• _Your instructions_: Lines containing the word "inside" are to be copied from the data below.

• _Recorded information_:
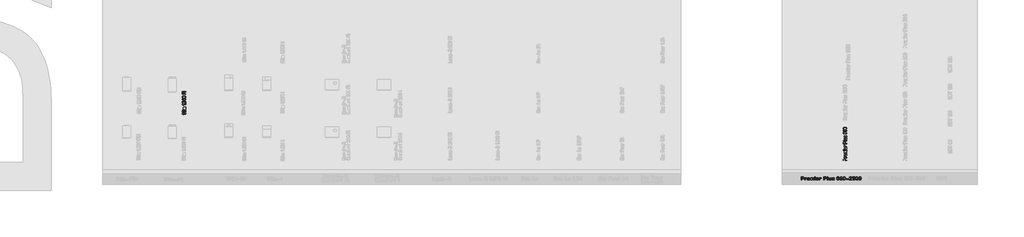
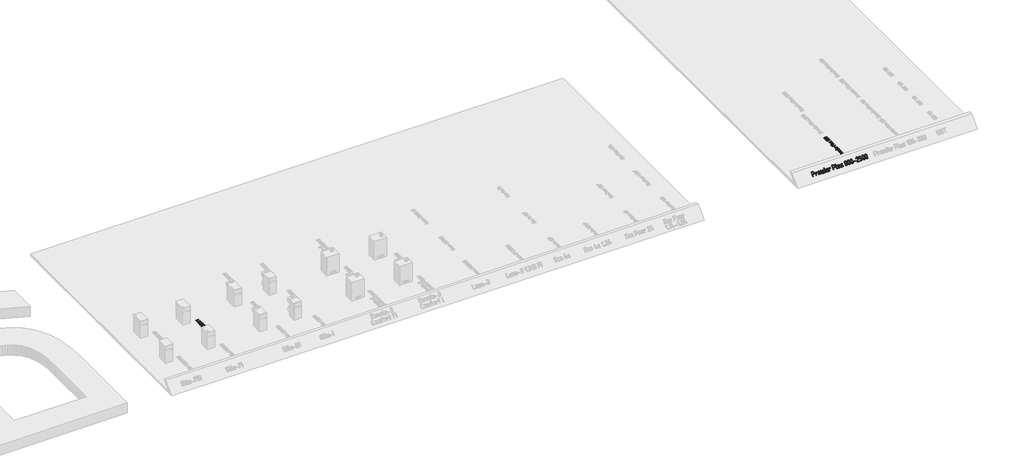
# One storey, part 8 of 37: 3 proxies.
"""IFC4 building model written with IfcOpenShell, lengths in millimetres."""

from ifc_helpers import new_model, si_unit, frame, origin, origin_with_axes, place, context, project, spatial, polyline, outline, extrude, element, save

model = new_model("IFC4")

# Units and contexts
model_context = context("Model", 3, world=origin())
ifc_project = project(units=[si_unit("LENGTHUNIT", "METRE", prefix="MILLI")], contexts=[model_context])

# Site, building, storey
site = spatial("IfcSite", under=ifc_project)
building = spatial("IfcBuilding", under=site)
storey = spatial("IfcBuildingStorey", under=building, Name="01_Стартовый вид_Площадка", Elevation=0.0)

# Proxies
placement = place(None, origin())
element("IfcBuildingElementProxy", 1, Name="150 мм", ObjectType="150 мм", at=placement, inside=storey, context=model_context, shape_type="SweptSolid", body=[
    extrude(outline(polyline([(1429.0001715, -15049.2230875), (1443.3927362, -15051.9647661), (1455.5679869, -15060.1898022), (1463.8679322, -15072.2501921), (1466.6345807, -15086.4979322), (1462.4496504, -15112.516413), (1449.8948594, -15135.4386447), (1443.7822643, -15138.7146761), (1438.488677, -15136.517338), (1436.2713631, -15131.2836781), (1437.6297176, -15127.0488083), (1448.0970373, -15106.593588), (1451.2931655, -15086.817545), (1449.6401679, -15078.2679022), (1444.6811753, -15071.0766138), (1437.385014, -15066.1925304), (1428.7205103, -15064.5645027), (1416.7550055, -15067.6507639), (1408.5049997, -15076.9095477), (1386.8512313, -15118.6190203), (1373.2377229, -15133.6907621), (1353.4117404, -15138.7146761), (1339.0191757, -15135.9879793), (1326.843925, -15127.8078887), (1318.5439797, -15115.8124202), (1315.7773312, -15101.6395894), (1317.8648024, -15078.4576723), (1324.1272161, -15061.4882293), (1331.1187464, -15057.0536015), (1336.4123337, -15059.2709154), (1338.6296476, -15064.5645027), (1337.8306156, -15067.6807276), (1332.7967137, -15084.5602795), (1331.1187464, -15101.3199766), (1332.771744, -15109.7947102), (1337.7307366, -15116.9210772), (1345.0268979, -15121.760215), (1353.6914016, -15123.3732609), (1365.6269427, -15120.3369392), (1373.7870574, -15111.2279739), (1395.4408258, -15069.5584529), (1409.1442253, -15054.3069288), (1429.0001715, -15049.2230875)])), origin_with_axes(), (0.0, 0.0, 1.0), 10.0),
    extrude(outline(polyline([(1323.328184, -15018.5402571), (1317.6650444, -15016.6225802), (1315.7773312, -15010.8695495), (1317.6650444, -15005.1165188), (1323.328184, -15003.1988419), (1444.0219739, -15003.1988419), (1448.7961903, -15001.3261105), (1451.5328751, -14995.7079165), (1454.2795477, -14990.0897224), (1459.0837279, -14988.2169911), (1464.7468675, -14990.0847285), (1466.6345807, -14995.6879407), (1465.1363956, -15004.9117668), (1460.6418404, -15012.2079281), (1453.4905036, -15016.9571748), (1444.0219739, -15018.5402571), (1323.328184, -15018.5402571)])), origin_with_axes(), (0.0, 0.0, 1.0), 10.0),
    extrude(outline(polyline([(1369.11272, -14959.7314988), (1363.5095078, -14957.8138219), (1361.6417704, -14952.0607912), (1363.5095078, -14946.3077605), (1369.11272, -14944.3900836), (1459.1236795, -14944.3900836), (1464.7568554, -14946.3077605), (1466.6345807, -14952.0607912), (1464.7568554, -14957.8138219), (1459.1236795, -14959.7314988), (1369.11272, -14959.7314988)])), origin_with_axes(), (0.0, 0.0, 1.0), 10.0),
    extrude(outline(polyline([(1330.7991336, -14959.7314988), (1323.2882324, -14959.7314988), (1317.6550565, -14957.8138219), (1315.7773312, -14952.0607912), (1317.6550565, -14946.3077605), (1323.2882324, -14944.3900836), (1330.7991336, -14944.3900836), (1336.4323095, -14946.3077605), (1338.3100348, -14952.0607912), (1336.4323095, -14957.8138219), (1330.7991336, -14959.7314988)])), origin_with_axes(), (0.0, 0.0, 1.0), 10.0),
    extrude(outline(polyline([(1361.8015768, -14906.0365456), (1361.8015768, -14837.0001772), (1363.9689512, -14825.0995938), (1370.4710745, -14815.2065783), (1380.1293743, -14808.5396547), (1391.7652784, -14806.3173468), (1459.1636311, -14806.3173468), (1464.7668433, -14808.2350237), (1466.6345807, -14813.9880544), (1464.7668433, -14819.7410851), (1459.1636311, -14821.658762), (1392.0449396, -14821.658762), (1381.4377892, -14826.0734141), (1377.142992, -14837.0001772), (1377.142992, -14852.3415924), (1459.1636311, -14852.3415924), (1464.7668433, -14854.2592693), (1466.6345807, -14860.0123), (1464.7668433, -14865.7653307), (1459.1636311, -14867.6830076), (1377.142992, -14867.6830076), (1377.142992, -14898.365838), (1459.1636311, -14898.365838), (1464.7668433, -14900.2835149), (1466.6345807, -14906.0365456), (1464.7668433, -14911.7895763), (1459.1636311, -14913.7072532), (1369.2725264, -14913.7072532), (1363.6693142, -14911.7895763), (1361.8015768, -14906.0365456)])), origin_with_axes(), (0.0, 0.0, 1.0), 10.0),
    extrude(outline(polyline([(1341.506163, -14693.8136354), (1358.8052067, -14711.0727275), (1360.9625932, -14716.3063873), (1359.0848679, -14721.9395632), (1353.451692, -14723.8172885), (1348.2180321, -14721.6199504), (1318.7337498, -14692.2954745), (1315.7773312, -14686.1429278), (1317.6650444, -14680.3898971), (1323.328184, -14678.4722202), (1459.0837279, -14678.4722202), (1464.7468675, -14680.3898971), (1466.6345807, -14686.1429278), (1464.7468675, -14691.8959585), (1459.0837279, -14693.8136354), (1341.506163, -14693.8136354)])), origin_with_axes(), (0.0, 0.0, 1.0), 10.0),
    extrude(outline(polyline([(1451.2931655, -14647.7893898), (1445.5401348, -14645.8717129), (1443.6224579, -14640.1186822), (1445.5401348, -14634.3656515), (1451.2931655, -14632.4479746), (1458.9638731, -14632.4479746), (1464.7169038, -14634.3656515), (1466.6345807, -14640.1186822), (1464.7169038, -14645.8717129), (1458.9638731, -14647.7893898), (1451.2931655, -14647.7893898)])), origin_with_axes(), (0.0, 0.0, 1.0), 10.0),
    extrude(outline(polyline([(1392.4844072, -14565.4491379), (1392.4844072, -14580.4309887), (1390.5667303, -14586.0641646), (1384.8136996, -14587.9418899), (1379.0606689, -14586.0641646), (1377.142992, -14580.4309887), (1377.142992, -14565.4491379), (1375.4700187, -14556.7446826), (1370.4510987, -14549.4884729), (1363.0250946, -14544.5894077), (1354.1308692, -14542.9563859), (1345.2865833, -14544.6043895), (1337.8505914, -14549.5484003), (1332.8017077, -14556.8195919), (1331.1187464, -14565.4491379), (1331.1187464, -14595.4527911), (1329.2010695, -14601.085967), (1323.4480388, -14602.9636923), (1317.6950081, -14601.085967), (1315.7773312, -14595.4527911), (1315.7773312, -14565.4491379), (1318.5939192, -14550.981664), (1327.043683, -14538.7414919), (1339.4486555, -14530.396601), (1354.1308692, -14527.6149707), (1371.3300339, -14531.3704213), (1384.8136996, -14542.6367731), (1397.8878614, -14531.3704213), (1414.5776432, -14527.6149707), (1429.4396391, -14527.6149707), (1443.7523006, -14530.4115829), (1455.7677449, -14538.8014193), (1463.9178717, -14551.0565733), (1466.6345807, -14565.4491379), (1466.6345807, -14595.4527911), (1464.7169038, -14601.085967), (1458.9638731, -14602.9636923), (1453.2108424, -14601.085967), (1451.2931655, -14595.4527911), (1451.2931655, -14565.4491379), (1449.6901074, -14556.7446826), (1444.8809333, -14549.4884729), (1437.7645542, -14544.5894077), (1429.2398811, -14542.9563859), (1414.5376916, -14542.9563859), (1406.062958, -14544.6043895), (1398.936591, -14549.5484003), (1394.0974532, -14556.8195919), (1392.4844072, -14565.4491379)])), origin_with_axes(), (0.0, 0.0, 1.0), 10.0),
    extrude(outline(polyline([(1391.205956, -14422.7819669), (1416.3455016, -14424.4099947), (1437.8294756, -14429.294078), (1459.4333044, -14441.7090384), (1464.8342616, -14450.0664141), (1466.6345807, -14459.8570536), (1464.8417525, -14469.6476931), (1459.4632681, -14478.0050689), (1437.9493304, -14490.4200292), (1416.4353927, -14495.3041126), (1391.205956, -14496.9321403), (1365.9765192, -14495.3041126), (1344.4625815, -14490.4200292), (1322.9486438, -14478.0050689), (1317.5701594, -14469.6476931), (1315.7773312, -14459.8570536), (1317.5776503, -14450.0664141), (1322.9786075, -14441.7090384), (1344.5824363, -14429.294078), (1366.0664103, -14424.4099947), (1391.205956, -14422.7819669)]), holes=[polyline([(1391.205956, -14438.1233821), (1356.0485461, -14441.9587359), (1337.3511964, -14449.3497823), (1331.1187464, -14459.8570536), (1337.3811601, -14470.2744339), (1356.1684009, -14477.6355165), (1391.205956, -14481.5907251), (1426.3633658, -14477.7553713), (1445.0607156, -14470.364325), (1451.2931655, -14459.8570536), (1445.0607156, -14449.3497823), (1426.3633658, -14441.9587359), (1391.205956, -14438.1233821)])]), origin_with_axes(), (0.0, 0.0, 1.0), 10.0),
    extrude(outline(polyline([(1391.205956, -14317.948963), (1416.3455016, -14319.5769908), (1437.8294756, -14324.4610742), (1459.4333044, -14336.8760345), (1464.8342616, -14345.2334103), (1466.6345807, -14355.0240498), (1464.8417525, -14364.8146893), (1459.4632681, -14373.172065), (1437.9493304, -14385.5870254), (1416.4353927, -14390.4711087), (1391.205956, -14392.0991365), (1365.9765192, -14390.4711087), (1344.4625815, -14385.5870254), (1322.9486438, -14373.172065), (1317.5701594, -14364.8146893), (1315.7773312, -14355.0240498), (1317.5776503, -14345.2334103), (1322.9786075, -14336.8760345), (1344.5824363, -14324.4610742), (1366.0664103, -14319.5769908), (1391.205956, -14317.948963)]), holes=[polyline([(1391.205956, -14333.2903782), (1356.0485461, -14337.125732), (1337.3511964, -14344.5167784), (1331.1187464, -14355.0240498), (1337.3811601, -14365.44143), (1356.1684009, -14372.8025127), (1391.205956, -14376.7577213), (1426.3633658, -14372.9223675), (1445.0607156, -14365.5313211), (1451.2931655, -14355.0240498), (1445.0607156, -14344.5167784), (1426.3633658, -14337.125732), (1391.205956, -14333.2903782)])]), origin_with_axes(), (0.0, 0.0, 1.0), 10.0),
    extrude(outline(polyline([(1459.0837279, -14236.128082), (1323.328184, -14236.128082), (1317.6650444, -14234.2104051), (1315.7773312, -14228.4573744), (1315.7773312, -14168.2902617), (1317.6950081, -14162.6570858), (1323.4480388, -14160.7793605), (1329.2010695, -14162.6570858), (1331.1187464, -14168.2902617), (1331.1187464, -14220.7866668), (1377.142992, -14220.7866668), (1377.142992, -14168.2902617), (1379.0606689, -14162.6570858), (1384.8136996, -14160.7793605), (1390.5667303, -14162.6570858), (1392.4844072, -14168.2902617), (1392.4844072, -14220.7866668), (1459.2035827, -14220.7866668), (1464.7768312, -14222.7043437), (1466.6345807, -14228.4573744), (1464.7468675, -14234.2104051), (1459.0837279, -14236.128082)])), origin_with_axes(), (0.0, 0.0, 1.0), 10.0),
    extrude(outline(polyline([(1369.11272, -14131.2950781), (1363.5095078, -14129.3774012), (1361.6417704, -14123.6243705), (1363.5095078, -14117.8713398), (1369.11272, -14115.9536629), (1459.1236795, -14115.9536629), (1464.7568554, -14117.8713398), (1466.6345807, -14123.6243705), (1464.7568554, -14129.3774012), (1459.1236795, -14131.2950781), (1369.11272, -14131.2950781)])), origin_with_axes(), (0.0, 0.0, 1.0), 10.0),
    extrude(outline(polyline([(1330.7991336, -14131.2950781), (1323.2882324, -14131.2950781), (1317.6550565, -14129.3774012), (1315.7773312, -14123.6243705), (1317.6550565, -14117.8713398), (1323.2882324, -14115.9536629), (1330.7991336, -14115.9536629), (1336.4323095, -14117.8713398), (1338.3100348, -14123.6243705), (1336.4323095, -14129.3774012), (1330.7991336, -14131.2950781)])), origin_with_axes(), (0.0, 0.0, 1.0), 10.0),
])
element("IfcBuildingElementProxy", 2, Name="200мм", ObjectType="200мм", at=placement, inside=storey, context=model_context, shape_type="SweptSolid", body=[
    extrude(outline(polyline([(7.8835354, 0.0), (54.9822836, -15.8674928), (75.3551695, -27.452775), (89.3245979, -46.3241219), (95.3595376, -69.2676232), (91.9289573, -93.0693684), (80.131763, -115.1766267), (62.1553061, -129.8058847), (40.1087194, -135.8689668), (16.101136, -132.2776977), (-21.3557465, -119.6585341), (-43.2607097, -184.6780281), (-48.0307567, -190.8280684), (-56.082337, -190.701191), (-62.5480184, -185.8669629), (-62.5603687, -177.8949509), (-4.770722, -6.3606026), (0.0, 0.0), (7.8835354, 0.0)]), holes=[polyline([(11.2976149, -22.7350648), (-14.8250742, -100.2738402), (22.3289223, -112.790962), (37.668322, -114.8320671), (52.4892795, -110.4450815), (64.7838935, -100.6679697), (72.5442635, -86.5386961), (74.9157894, -70.5939297), (71.0438717, -55.3703393), (61.8989869, -42.9093), (48.4516114, -35.2521866), (11.2976149, -22.7350648)])]), frame((28683.6339944, -17888.306847, 243.3672278), z_axis=(0.0, -0.7071067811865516, 0.7071067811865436), x_axis=(0.9476648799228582, 0.22575570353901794, 0.2257557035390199)), (0.0, 0.0, 1.0), 10.0),
    extrude(outline(polyline([(119.8548062, 0.0), (127.3257559, -2.5569025), (129.8160724, -10.2276101), (129.8160724, -70.474626), (127.2591699, -77.9455756), (119.5884622, -80.4358921), (99.3463172, -80.4358921), (91.835416, -77.9455756), (89.3317822, -70.474626), (91.835416, -62.9637248), (99.3463172, -60.4600911), (109.3608521, -60.4600911), (109.3608521, -20.4552202), (0.0, -20.4552202), (-7.4709496, -17.8983177), (-9.9612661, -10.2276101), (-7.4709496, -2.5569025), (0.0, 0.0), (119.8548062, 0.0)])), frame((28841.3762366, -18021.7129939, 109.9610809), z_axis=(0.0, -0.7071067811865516, 0.7071067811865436), x_axis=(0.0, 0.7071067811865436, 0.7071067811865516)), (0.0, 0.0, 1.0), 10.0),
    extrude(outline(polyline([(80.0097418, 0.0), (80.0097418, 20.4552203), (74.0969047, 34.8644314), (67.6247451, 39.3989382), (60.0339407, 40.9104406), (10.0145349, 40.9104406), (2.5036337, 43.4673431), (0.0, 51.1380507), (2.5036337, 58.8087583), (10.0145349, 61.3656608), (60.0339407, 61.3656608), (75.5751139, 58.4758283), (88.6392878, 49.8063306), (97.5085435, 36.9285976), (100.464962, 21.4140588), (100.464962, -28.4988094), (96.7561216, -47.6888956), (85.6296005, -63.8160257), (69.309371, -74.7627647), (50.0194058, -78.4116777), (30.5829514, -74.8693022), (14.46248, -64.2421761), (3.61562, -48.4479761), (0.0, -29.4043791), (0.0, 0.0), (80.0097418, 0.0)]), holes=[polyline([(50.0194058, -60.4600911), (61.5254672, -58.2627529), (71.2203893, -51.6707387), (77.8124037, -41.9758165), (80.0097418, -30.4697552), (80.0097418, -20.4552202), (20.0290699, -20.4552202), (20.0290699, -30.4697552), (22.226408, -41.9758165), (28.8184223, -51.6707387), (38.5133444, -58.2627529), (50.0194058, -60.4600911)])]), frame((29061.1633168, -17985.3645978, 146.309477), z_axis=(0.0, -0.7071067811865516, 0.7071067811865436), x_axis=(-1.0, 0.0, 0.0)), (0.0, 0.0, 1.0), 10.0),
    extrude(outline(polyline([(8.0648268, 0.0), (95.6150094, -28.42341), (109.8146858, -36.0716859), (119.6837275, -48.3906322), (124.1620708, -63.3839269), (122.1896523, -79.055248), (94.4406404, -164.5281405), (89.701756, -170.8444538), (81.6369292, -170.8444538), (75.1100589, -166.1072188), (74.9850442, -158.2118271), (102.618915, -73.0935939), (103.6105119, -65.2736839), (101.3875031, -57.8242881), (96.4501455, -51.7058984), (89.2986961, -47.8790062), (69.8431, -41.5626929), (36.0738519, -145.5792005), (31.3349676, -151.8955138), (23.2701408, -151.8955138), (16.7432705, -147.1582788), (16.6182557, -139.2628871), (50.3875038, -35.2463795), (11.4763115, -22.6137529), (-22.2929366, -126.6302605), (-27.0318209, -132.9465738), (-35.0966477, -132.9465738), (-41.623518, -128.2093388), (-41.7485328, -120.3139471), (-4.7388844, -6.3163134), (0.0, 0.0), (8.0648268, 0.0)])), frame((29103.0325958, -17931.6800885, 199.9939863), z_axis=(0.0, -0.7071067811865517, 0.7071067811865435), x_axis=(0.9511311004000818, 0.21834563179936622, 0.21834563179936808)), (0.0, 0.0, 1.0), 10.0),
    extrude(outline(polyline([(-40.4252129, 16.4627758), (-34.1768363, 11.6346677), (-34.2913698, 3.5706542), (-39.1208191, -2.8882816), (-47.0171899, -2.9011566), (-160.6290118, 35.7752083), (-166.9152084, 40.6161914), (-166.8132817, 48.6844966), (-161.9712257, 55.1391407), (-154.0370348, 55.1391407), (-40.4252129, 16.4627758)])), frame((29287.1295781, -17906.0007942, 225.6732806), z_axis=(0.0, -0.7071067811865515, 0.7071067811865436), x_axis=(-0.322263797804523, 0.6693825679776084, 0.6693825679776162)), (0.0, 0.0, 1.0), 10.0),
    extrude(outline(polyline([(7.934191, 0.0), (17.4144495, -3.2273221), (23.7006464, -8.0683052), (23.5987196, -16.1366103), (18.7566637, -22.5912544), (10.8224726, -22.5912545), (1.342214, -19.3639324), (-4.9439827, -14.5229493), (-4.842056, -6.4546441), (0.0, 0.0), (7.934191, 0.0)])), frame((29287.1295781, -17906.0007942, 225.6732806), z_axis=(0.0, -0.7071067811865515, 0.7071067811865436), x_axis=(-0.322263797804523, 0.6693825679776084, 0.6693825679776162)), (0.0, 0.0, 1.0), 10.0),
    extrude(outline(polyline([(80.0097417, 0.0), (80.0097417, 20.4552203), (74.0969046, 34.8644314), (67.6247451, 39.3989382), (60.0339407, 40.9104406), (10.0145349, 40.9104406), (2.5036337, 43.4673431), (0.0, 51.1380507), (2.5036337, 58.8087583), (10.0145349, 61.3656608), (60.0339407, 61.3656608), (75.5751139, 58.4758283), (88.6392878, 49.8063306), (97.5085435, 36.9285976), (100.464962, 21.4140588), (100.464962, -28.4988094), (96.7561216, -47.6888956), (85.6296004, -63.8160257), (69.309371, -74.7627647), (50.0194058, -78.4116777), (30.5829514, -74.8693022), (14.4624799, -64.2421761), (3.61562, -48.4479761), (0.0, -29.4043791), (0.0, 0.0), (80.0097417, 0.0)]), holes=[polyline([(50.0194058, -60.4600911), (61.5254672, -58.2627529), (71.2203893, -51.6707387), (77.8124036, -41.9758165), (80.0097417, -30.4697552), (80.0097417, -20.4552202), (20.0290698, -20.4552202), (20.0290698, -30.4697552), (22.2264079, -41.9758165), (28.8184223, -51.6707387), (38.5133444, -58.2627529), (50.0194058, -60.4600911)])]), frame((29446.4032984, -17985.3645978, 146.309477), z_axis=(0.0, -0.7071067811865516, 0.7071067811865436), x_axis=(-1.0, 0.0, 0.0)), (0.0, 0.0, 1.0), 10.0),
    extrude(outline(polyline([(119.8548062, 0.0), (127.3257559, -2.5569025), (129.8160724, -10.2276101), (129.8160724, -70.474626), (127.2591699, -77.9455756), (119.5884622, -80.4358921), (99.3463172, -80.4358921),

• _Solution_:
element("IfcBuildingElementProxy", 1, Name="150 мм", ObjectType="150 мм", at=placement, inside=storey, context=model_context, shape_type="SweptSolid", body=[
element("IfcBuildingElementProxy", 2, Name="200мм", ObjectType="200мм", at=placement, inside=storey, context=model_context, shape_type="SweptSolid", body=[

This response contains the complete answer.